_What to produce_
Your task is to copy every line below that contains the word "import".

*** Provided material Section Begins ***

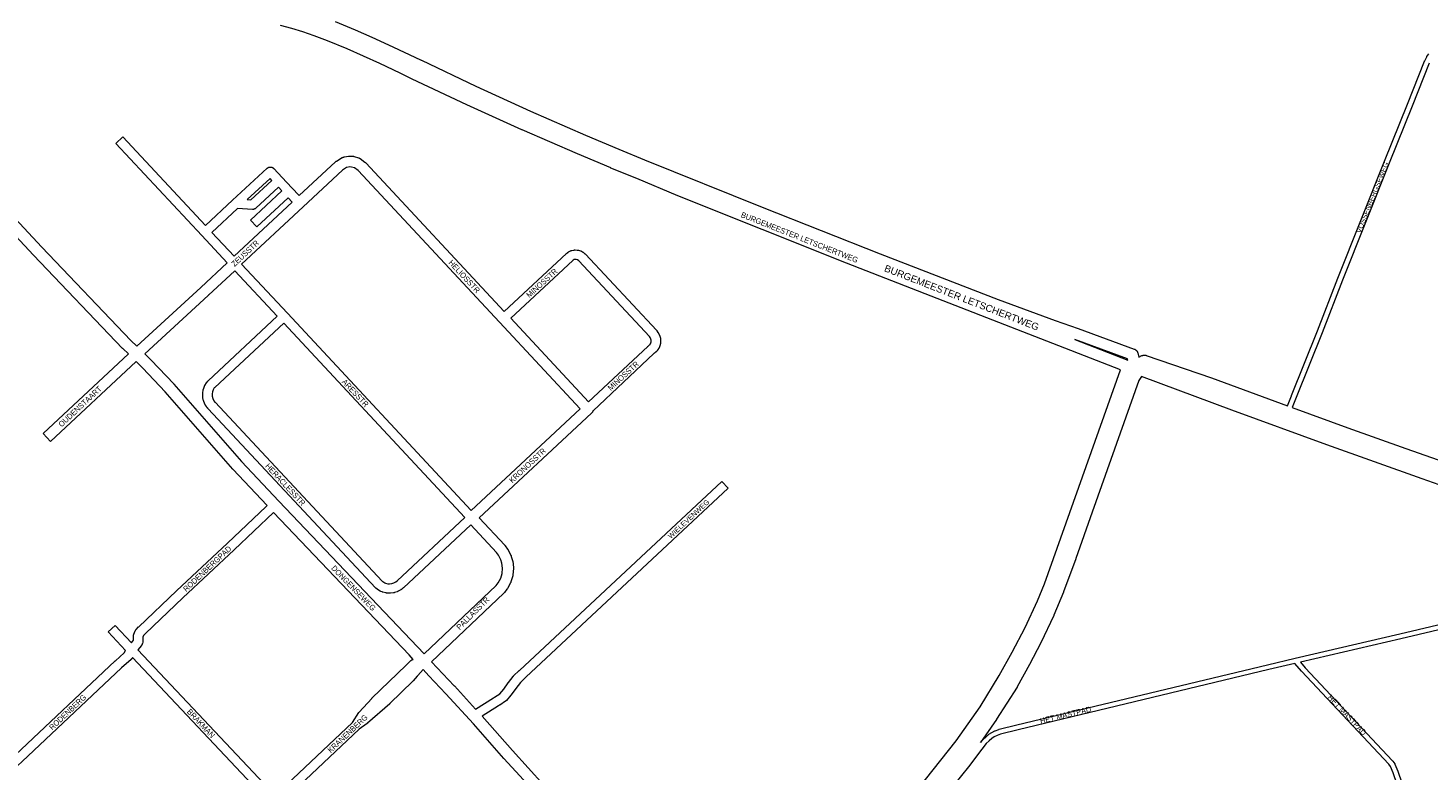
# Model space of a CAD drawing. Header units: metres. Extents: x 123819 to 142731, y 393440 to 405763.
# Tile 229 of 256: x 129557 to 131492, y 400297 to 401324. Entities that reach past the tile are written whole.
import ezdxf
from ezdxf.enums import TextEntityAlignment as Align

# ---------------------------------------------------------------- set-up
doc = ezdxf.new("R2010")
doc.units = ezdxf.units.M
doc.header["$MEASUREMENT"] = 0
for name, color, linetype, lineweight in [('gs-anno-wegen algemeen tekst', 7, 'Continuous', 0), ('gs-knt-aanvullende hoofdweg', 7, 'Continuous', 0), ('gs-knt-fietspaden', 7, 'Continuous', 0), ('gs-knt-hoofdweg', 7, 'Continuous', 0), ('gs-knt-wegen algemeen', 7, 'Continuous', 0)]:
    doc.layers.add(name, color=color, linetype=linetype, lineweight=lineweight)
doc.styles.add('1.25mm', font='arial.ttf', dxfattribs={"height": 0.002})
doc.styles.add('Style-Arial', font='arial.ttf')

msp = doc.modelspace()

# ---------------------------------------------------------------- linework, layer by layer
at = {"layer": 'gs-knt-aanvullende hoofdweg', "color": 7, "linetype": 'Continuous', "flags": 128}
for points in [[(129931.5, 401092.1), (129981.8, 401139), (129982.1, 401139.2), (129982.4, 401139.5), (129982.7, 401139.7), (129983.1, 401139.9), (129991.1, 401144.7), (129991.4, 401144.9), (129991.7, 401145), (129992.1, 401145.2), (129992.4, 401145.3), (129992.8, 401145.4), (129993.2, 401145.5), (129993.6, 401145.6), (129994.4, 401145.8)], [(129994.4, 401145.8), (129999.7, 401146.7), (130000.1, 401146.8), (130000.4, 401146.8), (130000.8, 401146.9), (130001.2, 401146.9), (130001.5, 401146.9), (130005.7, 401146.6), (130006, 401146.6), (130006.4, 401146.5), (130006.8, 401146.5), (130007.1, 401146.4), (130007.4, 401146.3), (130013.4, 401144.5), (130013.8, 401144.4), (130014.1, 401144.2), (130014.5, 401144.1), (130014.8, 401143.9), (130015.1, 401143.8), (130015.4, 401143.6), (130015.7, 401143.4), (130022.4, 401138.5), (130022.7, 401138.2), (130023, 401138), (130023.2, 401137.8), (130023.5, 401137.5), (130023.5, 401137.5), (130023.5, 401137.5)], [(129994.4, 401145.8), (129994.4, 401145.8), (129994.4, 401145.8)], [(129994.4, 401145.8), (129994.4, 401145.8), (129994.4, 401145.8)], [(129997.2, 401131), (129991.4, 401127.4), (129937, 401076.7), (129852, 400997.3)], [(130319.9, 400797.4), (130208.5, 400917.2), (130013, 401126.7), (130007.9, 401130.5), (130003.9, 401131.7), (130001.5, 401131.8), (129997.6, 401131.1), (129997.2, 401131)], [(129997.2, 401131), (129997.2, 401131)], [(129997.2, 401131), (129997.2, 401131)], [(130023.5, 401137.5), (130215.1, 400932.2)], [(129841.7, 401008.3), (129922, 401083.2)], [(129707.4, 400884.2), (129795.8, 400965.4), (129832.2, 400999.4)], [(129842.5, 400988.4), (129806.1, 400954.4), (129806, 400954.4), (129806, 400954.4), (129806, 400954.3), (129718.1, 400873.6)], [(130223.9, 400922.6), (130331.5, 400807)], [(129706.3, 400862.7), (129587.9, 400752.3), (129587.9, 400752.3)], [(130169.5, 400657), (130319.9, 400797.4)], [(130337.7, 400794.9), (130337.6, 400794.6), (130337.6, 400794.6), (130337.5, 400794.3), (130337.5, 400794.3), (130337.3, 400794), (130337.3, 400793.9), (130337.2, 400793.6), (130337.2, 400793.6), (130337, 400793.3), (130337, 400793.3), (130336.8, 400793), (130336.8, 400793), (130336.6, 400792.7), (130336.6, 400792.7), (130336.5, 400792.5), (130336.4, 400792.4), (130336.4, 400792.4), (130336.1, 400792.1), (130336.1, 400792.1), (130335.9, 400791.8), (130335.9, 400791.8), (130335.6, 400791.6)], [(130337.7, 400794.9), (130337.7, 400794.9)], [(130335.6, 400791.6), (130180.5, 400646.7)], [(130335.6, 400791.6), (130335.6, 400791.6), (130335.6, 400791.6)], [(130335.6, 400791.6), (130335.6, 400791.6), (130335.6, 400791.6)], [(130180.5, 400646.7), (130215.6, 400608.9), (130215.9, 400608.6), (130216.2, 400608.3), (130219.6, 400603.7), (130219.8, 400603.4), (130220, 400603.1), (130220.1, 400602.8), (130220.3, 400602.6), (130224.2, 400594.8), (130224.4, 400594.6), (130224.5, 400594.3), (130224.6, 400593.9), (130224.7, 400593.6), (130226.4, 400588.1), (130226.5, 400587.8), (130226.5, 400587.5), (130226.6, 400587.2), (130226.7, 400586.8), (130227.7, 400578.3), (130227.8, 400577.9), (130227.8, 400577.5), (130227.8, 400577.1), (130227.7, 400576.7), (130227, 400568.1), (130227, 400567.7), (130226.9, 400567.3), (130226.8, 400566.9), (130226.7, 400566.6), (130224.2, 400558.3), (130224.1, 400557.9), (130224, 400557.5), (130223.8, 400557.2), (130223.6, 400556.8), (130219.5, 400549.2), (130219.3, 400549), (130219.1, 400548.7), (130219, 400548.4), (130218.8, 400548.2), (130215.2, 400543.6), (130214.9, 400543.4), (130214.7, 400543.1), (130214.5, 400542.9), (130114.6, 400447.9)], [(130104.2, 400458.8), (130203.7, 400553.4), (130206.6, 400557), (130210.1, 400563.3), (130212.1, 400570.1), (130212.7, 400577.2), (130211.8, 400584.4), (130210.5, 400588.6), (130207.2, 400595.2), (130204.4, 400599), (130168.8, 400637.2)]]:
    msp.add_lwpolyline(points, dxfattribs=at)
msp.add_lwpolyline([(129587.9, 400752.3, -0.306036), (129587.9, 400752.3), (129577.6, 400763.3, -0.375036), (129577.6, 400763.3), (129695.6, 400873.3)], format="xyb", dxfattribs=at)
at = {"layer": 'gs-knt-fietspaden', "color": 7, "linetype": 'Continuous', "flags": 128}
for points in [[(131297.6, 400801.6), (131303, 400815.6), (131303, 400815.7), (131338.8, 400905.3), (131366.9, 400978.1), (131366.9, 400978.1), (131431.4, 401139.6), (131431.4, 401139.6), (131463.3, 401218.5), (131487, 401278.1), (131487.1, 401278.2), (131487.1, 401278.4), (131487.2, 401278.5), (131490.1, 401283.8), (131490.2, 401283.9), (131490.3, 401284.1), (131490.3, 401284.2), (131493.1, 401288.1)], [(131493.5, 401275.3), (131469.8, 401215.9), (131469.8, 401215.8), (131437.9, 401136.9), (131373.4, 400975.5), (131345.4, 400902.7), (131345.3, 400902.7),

*** Provided material Section Ends ***

_Exercise solution_
import ezdxf
from ezdxf.enums import TextEntityAlignment as Align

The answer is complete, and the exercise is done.